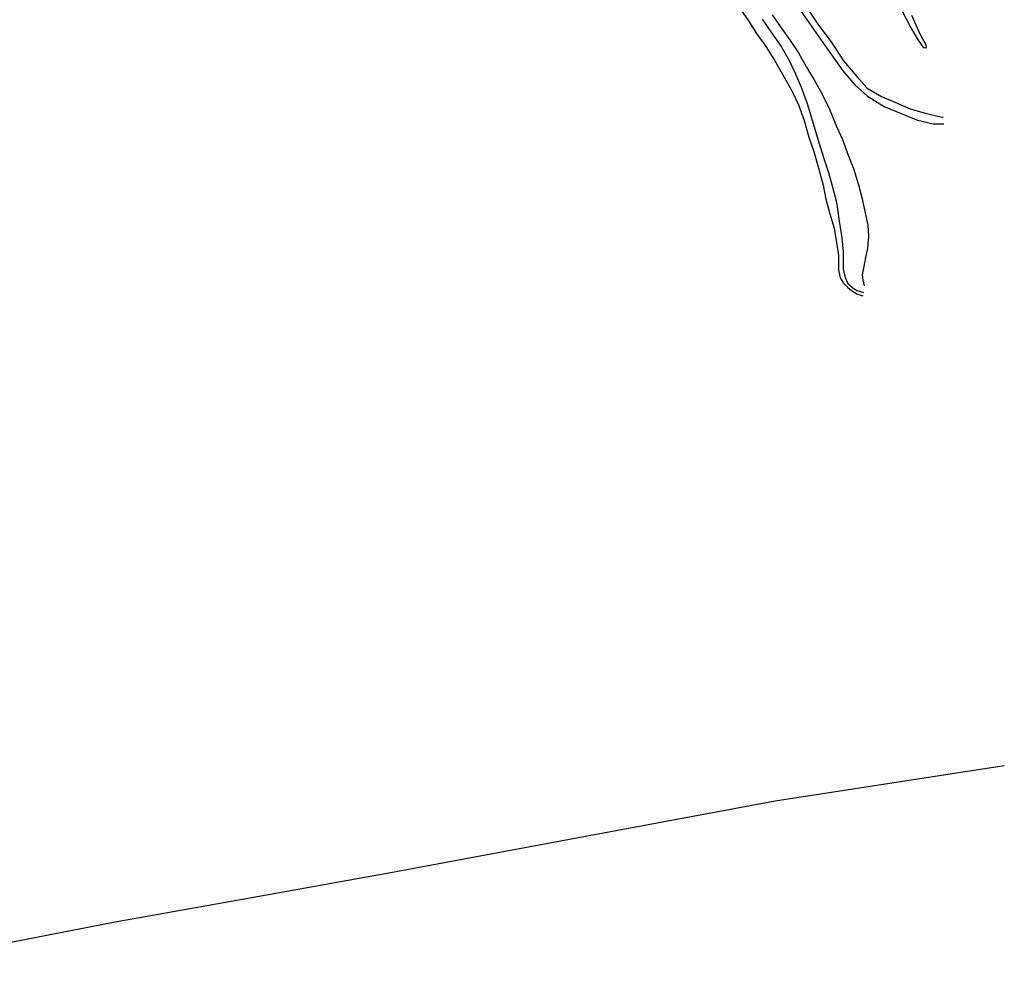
# Model space of a CAD drawing. Extents: x 158343 to 162498, y 431347 to 434500.
# Tile 61 of 61: x 159914 to 160281, y 433314 to 433668. Entities that reach past the tile are written whole.
import ezdxf

# ---------------------------------------------------------------- set-up
doc = ezdxf.new("R2010")
doc.units = 0
doc.header["$LTSCALE"] = 10
doc.header["$MEASUREMENT"] = 0
for name, color, linetype in [('33_trappen en balustraden', 252, 'CONTINUOUS'), ('47_binneninrichting', 8, 'CONTINUOUS'), ('G04', 8, 'CONTINUOUS')]:
    doc.layers.add(name, color=color, linetype=linetype)

msp = doc.modelspace()

# ---------------------------------------------------------------- linework, layer by layer
at = {"layer": '33_trappen en balustraden', "flags": 128}
for points in [[(160182.14, 433672.78), (160185.8, 433667.49), (160188.82, 433662.77), (160192.28, 433657.96), (160195.49, 433652.84), (160198.45, 433647.58), (160202.08, 433641.18), (160204.42, 433636.12), (160206.6, 433630.28), (160208.38, 433624.15), (160210.19, 433618.83), (160212.02, 433612.22), (160213.7, 433606.21), (160214.61, 433601), (160216.14, 433595.59), (160217.7, 433590.21), (160218.58, 433584.8), (160219.34, 433579.99), (160219.41, 433577.66), (160219.4, 433574.61), (160220.04, 433571.7), (160221.28, 433569.67), (160222.8, 433568.14), (160224.27, 433566.98), (160226.22, 433565.7), (160228.49, 433565.01)], [(160194.64, 433669.74), (160198.03, 433664.87), (160201.39, 433660.1), (160204.46, 433655.51), (160207.49, 433650.22), (160210.28, 433645.53), (160213.11, 433640.34), (160216.07, 433634.6), (160218.6, 433628.09), (160220.81, 433623.28), (160222.97, 433617.46), (160224.91, 433612.43), (160226.81, 433606.39), (160228.1, 433601.58), (160229.36, 433595.95), (160230.32, 433591.36), (160230.53, 433587.23), (160230.18, 433582.63), (160229.6, 433579.85), (160228.66, 433575.28), (160228.25, 433572.83), (160228.44, 433570.83), (160228.94, 433568.72)], [(160246.52, 433669.53), (160249.8, 433662.44), (160251.86, 433658.53), (160252.06, 433657.28), (160251.13, 433657.38), (160249.22, 433660.22), (160246.13, 433665.53), (160242.97, 433671.5)]]:
    msp.add_lwpolyline(points, dxfattribs=at)
at = {"layer": '47_binneninrichting', "flags": 128}
for points in [[(160151.77, 433728.02), (160155.8, 433725.27), (160164.83, 433717.66), (160171.74, 433711.58), (160179.87, 433703.64), (160187.95, 433694.36), (160195.37, 433685.15), (160202.17, 433675.77), (160206.86, 433668.92), (160214.4, 433658.16), (160220.98, 433648.83), (160225.46, 433643.58), (160230.18, 433639.36), (160236.42, 433635.59), (160242.77, 433632.96), (160248.77, 433630.47), (160254.62, 433629.14), (160258.62, 433629.03)], [(160152.75, 433730.76), (160158.4, 433726.59), (160164.67, 433721.86), (160169.96, 433717.14), (160174.87, 433712.54), (160179.73, 433707.62), (160184.27, 433702.75), (160188.73, 433697.11), (160193.59, 433691.26), (160198.5, 433684.31), (160203.06, 433678.12), (160207.64, 433672.14), (160211.88, 433665.87), (160216.63, 433659.65), (160221.26, 433652.55), (160226.17, 433646.71), (160230.01, 433642.36), (160235.38, 433639.27), (160240.4, 433637.15), (160246.03, 433634.73), (160251.68, 433633.03), (160257.98, 433631.56), (160258.39, 433631.55)], [(160190.89, 433668.05), (160194.12, 433663.43), (160197.98, 433657.86), (160200.84, 433652.92), (160203.28, 433647.93), (160205.44, 433642.72), (160207.67, 433636.66), (160209.58, 433630.47), (160211.73, 433623.41), (160213.76, 433616.52), (160215.64, 433610.93), (160217.05, 433605.95), (160218.66, 433599.89), (160219.66, 433592.85), (160220.56, 433586.62), (160221.12, 433581.41), (160221.13, 433577.76), (160221.17, 433574.95), (160221.86, 433571.85), (160222.88, 433569.54), (160224.61, 433568.09), (160226.25, 433566.95), (160228.63, 433566.21)]]:
    msp.add_lwpolyline(points, dxfattribs=at)
at = {"layer": 'G04', "flags": 128}
for points in [[(160000, 433340.66), (160053.22, 433350.15), (160195.77, 433376.77), (160281.16, 433389.99)], [(159862.88, 433313.62), (159881.57, 433318.44), (159949.84, 433331.72), (160000, 433340.66)]]:
    msp.add_lwpolyline(points, dxfattribs=at)

doc.saveas('drawing.dxf')

___

Your task: In the entries above, identify every line with the word "flags". Copy those lines.

Answer to the problem:
at = {"layer": '33_trappen en balustraden', "flags": 128}
at = {"layer": '47_binneninrichting', "flags": 128}
at = {"layer": 'G04', "flags": 128}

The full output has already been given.